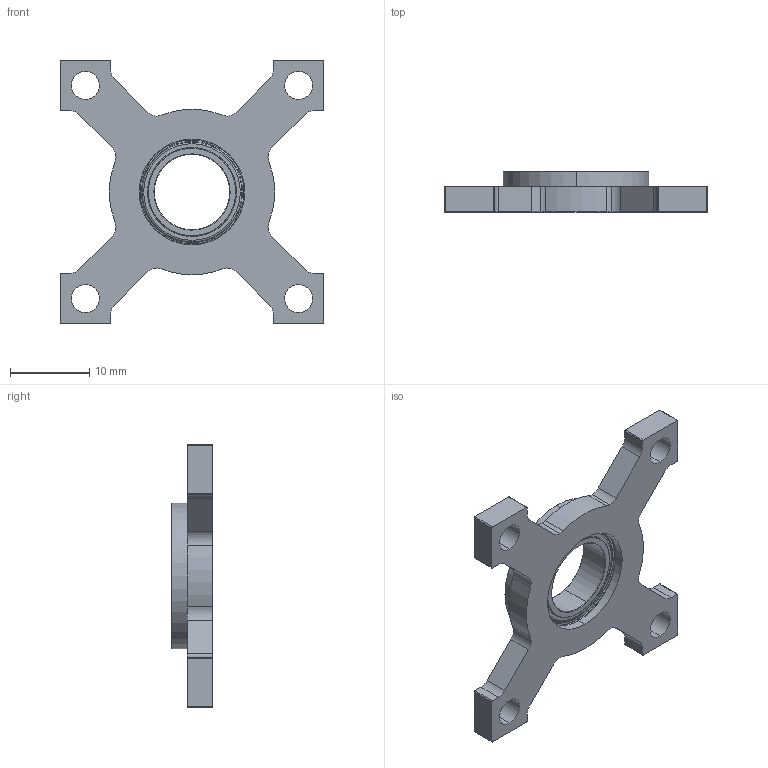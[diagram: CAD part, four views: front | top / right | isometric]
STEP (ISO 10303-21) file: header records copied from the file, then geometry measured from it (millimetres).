
FILE_DESCRIPTION (( 'STEP AP203' ), '1' );
FILE_NAME ('535114 assembly.STEP', '2016-10-10T14:28:41', ( '' ), ( '' ), 'SwSTEP 2.0', 'SolidWorks 2014', '' );
FILE_SCHEMA (( 'CONFIG_CONTROL_DESIGN' ));
Length unit declared in the file: inch
Products named in the file (3): 535024; 535114; 535114 assembly
Assembly tree (2 placements, depth 2):
  535114 assembly
    535114
    535024
Bounding box: 33.27 x 5.09 x 33.27 mm (x, y, z)
Volume: 1985.1 mm3; surface area: 2717.3 mm2
Topology: 4 solids, 4 shells, 153 faces, 367 edges, 234 vertices
Faces by surface type: cylinder 69, plane 44, cone 20, torus 20
Entity records: 4842 total; most frequent: DIRECTION 889, CARTESIAN_POINT 759, ORIENTED_EDGE 734, EDGE_CURVE 367, AXIS2_PLACEMENT_3D 364, VERTEX_POINT 234, CIRCLE 206, EDGE_LOOP 177
════════
# [REQUIRED WORK]
Without including any picture, set down the listing above exactly as it appears.

# [RESPONSE BOX]
[diagram: CAD part, four views: front | top / right | isometric]
STEP (ISO 10303-21) file: header records copied from the file, then geometry measured from it (millimetres).
FILE_DESCRIPTION (( 'STEP AP203' ), '1' );
FILE_NAME ('535114 assembly.STEP', '2016-10-10T14:28:41', ( '' ), ( '' ), 'SwSTEP 2.0', 'SolidWorks 2014', '' );
FILE_SCHEMA (( 'CONFIG_CONTROL_DESIGN' ));
Length unit declared in the file: inch
Products named in the file (3): 535024; 535114; 535114 assembly
Assembly tree (2 placements, depth 2):
  535114 assembly
    535114
    535024
Bounding box: 33.27 x 5.09 x 33.27 mm (x, y, z)
Volume: 1985.1 mm3; surface area: 2717.3 mm2
Topology: 4 solids, 4 shells, 153 faces, 367 edges, 234 vertices
Faces by surface type: cylinder 69, plane 44, cone 20, torus 20
Entity records: 4842 total; most frequent: DIRECTION 889, CARTESIAN_POINT 759, ORIENTED_EDGE 734, EDGE_CURVE 367, AXIS2_PLACEMENT_3D 364, VERTEX_POINT 234, CIRCLE 206, EDGE_LOOP 177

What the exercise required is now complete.